- _WHAT THE TASK REQUIRES_: Start at the line in the entries below that contains "#8999=ORIENTED_EDGE('',*,*,#8998,.T.);", stop at the line that contains "#9018=ORIENTED_EDGE('',*,*,#9017,.F.);", and output exactly the lines in that span, both ends included.

- _INPUT_:
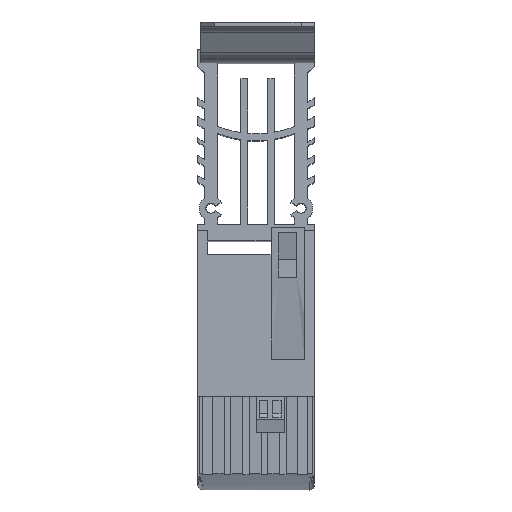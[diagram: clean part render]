
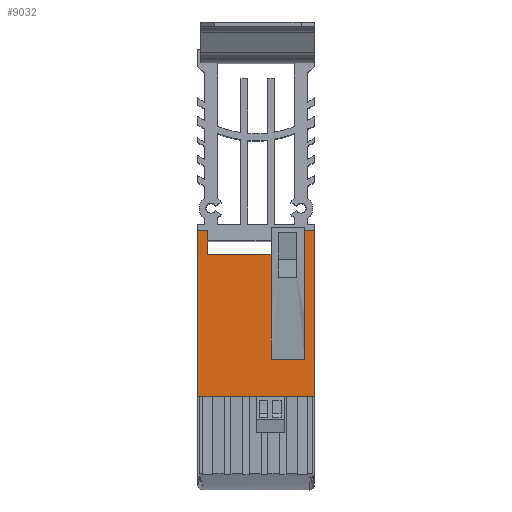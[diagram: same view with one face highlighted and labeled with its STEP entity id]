
A CAD part, top view. The second image highlights one B-rep face of the part: STEP entity #9032.
In plain terms, the highlighted planar face has unit normal (0, 0, 1).
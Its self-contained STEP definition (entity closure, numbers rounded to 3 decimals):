
#167=DIRECTION('',(-1.,0.,0.));
#168=VECTOR('',#167,3.);
#169=CARTESIAN_POINT('',(35.,77.748,4.5));
#170=LINE('',#169,#168);
#2418=DIRECTION('',(0.,-1.,0.));
#2419=VECTOR('',#2418,7.);
#2420=CARTESIAN_POINT('',(32.,77.748,4.5));
#2421=LINE('',#2420,#2419);
#2426=DIRECTION('',(-1.,0.,0.));
#2427=VECTOR('',#2426,8.5);
#2428=CARTESIAN_POINT('',(26.,28.248,4.5));
#2429=LINE('',#2428,#2427);
#2430=DIRECTION('',(-1.,0.,0.));
#2431=VECTOR('',#2430,17.5);
#2432=CARTESIAN_POINT('',(17.5,28.248,4.5));
#2433=LINE('',#2432,#2431);
#2434=DIRECTION('',(0.,1.,0.));
#2435=VECTOR('',#2434,49.5);
#2436=CARTESIAN_POINT('',(0.,28.248,4.5));
#2437=LINE('',#2436,#2435);
#2438=DIRECTION('',(0.,-1.,0.));
#2439=VECTOR('',#2438,21.5);
#2440=CARTESIAN_POINT('',(23.5,70.748,4.5));
#2441=LINE('',#2440,#2439);
#2442=DIRECTION('',(-1.,0.,0.));
#2443=VECTOR('',#2442,1.5);
#2444=CARTESIAN_POINT('',(23.5,49.248,4.5));
#2445=LINE('',#2444,#2443);
#2446=DIRECTION('',(0.,-1.,0.));
#2447=VECTOR('',#2446,10.);
#2448=CARTESIAN_POINT('',(22.,49.248,4.5));
#2449=LINE('',#2448,#2447);
#2450=DIRECTION('',(-1.,0.,0.));
#2451=VECTOR('',#2450,10.);
#2452=CARTESIAN_POINT('',(32.,39.248,4.5));
#2453=LINE('',#2452,#2451);
#2454=DIRECTION('',(0.,-1.,0.));
#2455=VECTOR('',#2454,10.);
#2456=CARTESIAN_POINT('',(32.,49.248,4.5));
#2457=LINE('',#2456,#2455);
#2458=DIRECTION('',(-1.,0.,0.));
#2459=VECTOR('',#2458,1.5);
#2460=CARTESIAN_POINT('',(32.,49.248,4.5));
#2461=LINE('',#2460,#2459);
#2462=DIRECTION('',(0.,-1.,0.));
#2463=VECTOR('',#2462,21.5);
#2464=CARTESIAN_POINT('',(30.5,70.748,4.5));
#2465=LINE('',#2464,#2463);
#2466=DIRECTION('',(0.,-1.,0.));
#2467=VECTOR('',#2466,49.5);
#2468=CARTESIAN_POINT('',(35.,77.748,4.5));
#2469=LINE('',#2468,#2467);
#2470=DIRECTION('',(-1.,0.,0.));
#2471=VECTOR('',#2470,9.);
#2472=CARTESIAN_POINT('',(35.,28.248,4.5));
#2473=LINE('',#2472,#2471);
#3672=DIRECTION('',(-1.,0.,0.));
#3673=VECTOR('',#3672,20.5);
#3674=CARTESIAN_POINT('',(23.5,70.748,4.5));
#3675=LINE('',#3674,#3673);
#3696=DIRECTION('',(-1.,0.,0.));
#3697=VECTOR('',#3696,1.5);
#3698=CARTESIAN_POINT('',(32.,70.748,4.5));
#3699=LINE('',#3698,#3697);
#3900=DIRECTION('',(0.,1.,0.));
#3901=VECTOR('',#3900,7.);
#3902=CARTESIAN_POINT('',(3.,70.748,4.5));
#3903=LINE('',#3902,#3901);
#3924=DIRECTION('',(-1.,0.,0.));
#3925=VECTOR('',#3924,3.);
#3926=CARTESIAN_POINT('',(3.,77.748,4.5));
#3927=LINE('',#3926,#3925);
#4491=CARTESIAN_POINT('',(0.,28.248,4.5));
#4492=CARTESIAN_POINT('',(0.,77.748,4.5));
#4493=VERTEX_POINT('',#4491);
#4494=VERTEX_POINT('',#4492);
#4531=CARTESIAN_POINT('',(35.,77.748,4.5));
#4532=CARTESIAN_POINT('',(35.,28.248,4.5));
#4533=VERTEX_POINT('',#4531);
#4534=VERTEX_POINT('',#4532);
#4547=CARTESIAN_POINT('',(32.,77.748,4.5));
#4548=CARTESIAN_POINT('',(32.,70.748,4.5));
#4549=VERTEX_POINT('',#4547);
#4550=VERTEX_POINT('',#4548);
#4551=CARTESIAN_POINT('',(3.,77.748,4.5));
#4552=VERTEX_POINT('',#4551);
#4553=CARTESIAN_POINT('',(3.,70.748,4.5));
#4554=VERTEX_POINT('',#4553);
#5599=CARTESIAN_POINT('',(22.,49.248,4.5));
#5600=CARTESIAN_POINT('',(22.,39.248,4.5));
#5601=VERTEX_POINT('',#5599);
#5602=VERTEX_POINT('',#5600);
#5603=CARTESIAN_POINT('',(23.5,49.248,4.5));
#5604=VERTEX_POINT('',#5603);
#5605=CARTESIAN_POINT('',(32.,39.248,4.5));
#5606=VERTEX_POINT('',#5605);
#5607=CARTESIAN_POINT('',(23.5,70.748,4.5));
#5608=VERTEX_POINT('',#5607);
#5609=CARTESIAN_POINT('',(30.5,70.748,4.5));
#5610=CARTESIAN_POINT('',(30.5,49.248,4.5));
#5611=VERTEX_POINT('',#5609);
#5612=VERTEX_POINT('',#5610);
#5613=CARTESIAN_POINT('',(32.,49.248,4.5));
#5614=VERTEX_POINT('',#5613);
#5647=CARTESIAN_POINT('',(26.,28.248,4.5));
#5649=VERTEX_POINT('',#5647);
#5653=CARTESIAN_POINT('',(17.5,28.248,4.5));
#5654=VERTEX_POINT('',#5653);
#8993=CARTESIAN_POINT('',(17.5,52.998,4.5));
#8994=DIRECTION('',(0.,0.,1.));
#8995=DIRECTION('',(0.,-1.,0.));
#8996=AXIS2_PLACEMENT_3D('',#8993,#8994,#8995);
#8997=PLANE('',#8996);
#8999=ORIENTED_EDGE('',*,*,#8998,.T.);
#9001=ORIENTED_EDGE('',*,*,#9000,.T.);
#9002=ORIENTED_EDGE('',*,*,#5670,.T.);
#9004=ORIENTED_EDGE('',*,*,#9003,.F.);
#9006=ORIENTED_EDGE('',*,*,#9005,.F.);
#9008=ORIENTED_EDGE('',*,*,#9007,.F.);
#9010=ORIENTED_EDGE('',*,*,#9009,.T.);
#9012=ORIENTED_EDGE('',*,*,#9011,.T.);
#9014=ORIENTED_EDGE('',*,*,#9013,.T.);
#9016=ORIENTED_EDGE('',*,*,#9015,.F.);
#9018=ORIENTED_EDGE('',*,*,#9017,.F.);
#9020=ORIENTED_EDGE('',*,*,#9019,.T.);
#9022=ORIENTED_EDGE('',*,*,#9021,.F.);
#9024=ORIENTED_EDGE('',*,*,#9023,.F.);
#9025=ORIENTED_EDGE('',*,*,#8985,.F.);
#9026=ORIENTED_EDGE('',*,*,#5942,.F.);
#9027=ORIENTED_EDGE('',*,*,#5846,.T.);
#9029=ORIENTED_EDGE('',*,*,#9028,.T.);
#9030=EDGE_LOOP('',(#8999,#9001,#9002,#9004,#9006,#9008,#9010,#9012,#9014,#9016,
#9018,#9020,#9022,#9024,#9025,#9026,#9027,#9029));
#9031=FACE_OUTER_BOUND('',#9030,.F.);
#5670=EDGE_CURVE('',#4493,#4494,#2437,.T.);
#5846=EDGE_CURVE('',#4533,#4534,#2469,.T.);
#5942=EDGE_CURVE('',#4533,#4549,#170,.T.);
#8985=EDGE_CURVE('',#4549,#4550,#2421,.T.);
#8998=EDGE_CURVE('',#5649,#5654,#2429,.T.);
#9000=EDGE_CURVE('',#5654,#4493,#2433,.T.);
#9003=EDGE_CURVE('',#4552,#4494,#3927,.T.);
#9005=EDGE_CURVE('',#4554,#4552,#3903,.T.);
#9007=EDGE_CURVE('',#5608,#4554,#3675,.T.);
#9009=EDGE_CURVE('',#5608,#5604,#2441,.T.);
#9011=EDGE_CURVE('',#5604,#5601,#2445,.T.);
#9013=EDGE_CURVE('',#5601,#5602,#2449,.T.);
#9015=EDGE_CURVE('',#5606,#5602,#2453,.T.);
#9017=EDGE_CURVE('',#5614,#5606,#2457,.T.);
#9019=EDGE_CURVE('',#5614,#5612,#2461,.T.);
#9021=EDGE_CURVE('',#5611,#5612,#2465,.T.);
#9023=EDGE_CURVE('',#4550,#5611,#3699,.T.);
#9028=EDGE_CURVE('',#4534,#5649,#2473,.T.);
#9032=ADVANCED_FACE('',(#9031),#8997,.T.);

- _RESULT OF THE TASK_:
#8999=ORIENTED_EDGE('',*,*,#8998,.T.);
#9001=ORIENTED_EDGE('',*,*,#9000,.T.);
#9002=ORIENTED_EDGE('',*,*,#5670,.T.);
#9004=ORIENTED_EDGE('',*,*,#9003,.F.);
#9006=ORIENTED_EDGE('',*,*,#9005,.F.);
#9008=ORIENTED_EDGE('',*,*,#9007,.F.);
#9010=ORIENTED_EDGE('',*,*,#9009,.T.);
#9012=ORIENTED_EDGE('',*,*,#9011,.T.);
#9014=ORIENTED_EDGE('',*,*,#9013,.T.);
#9016=ORIENTED_EDGE('',*,*,#9015,.F.);
#9018=ORIENTED_EDGE('',*,*,#9017,.F.);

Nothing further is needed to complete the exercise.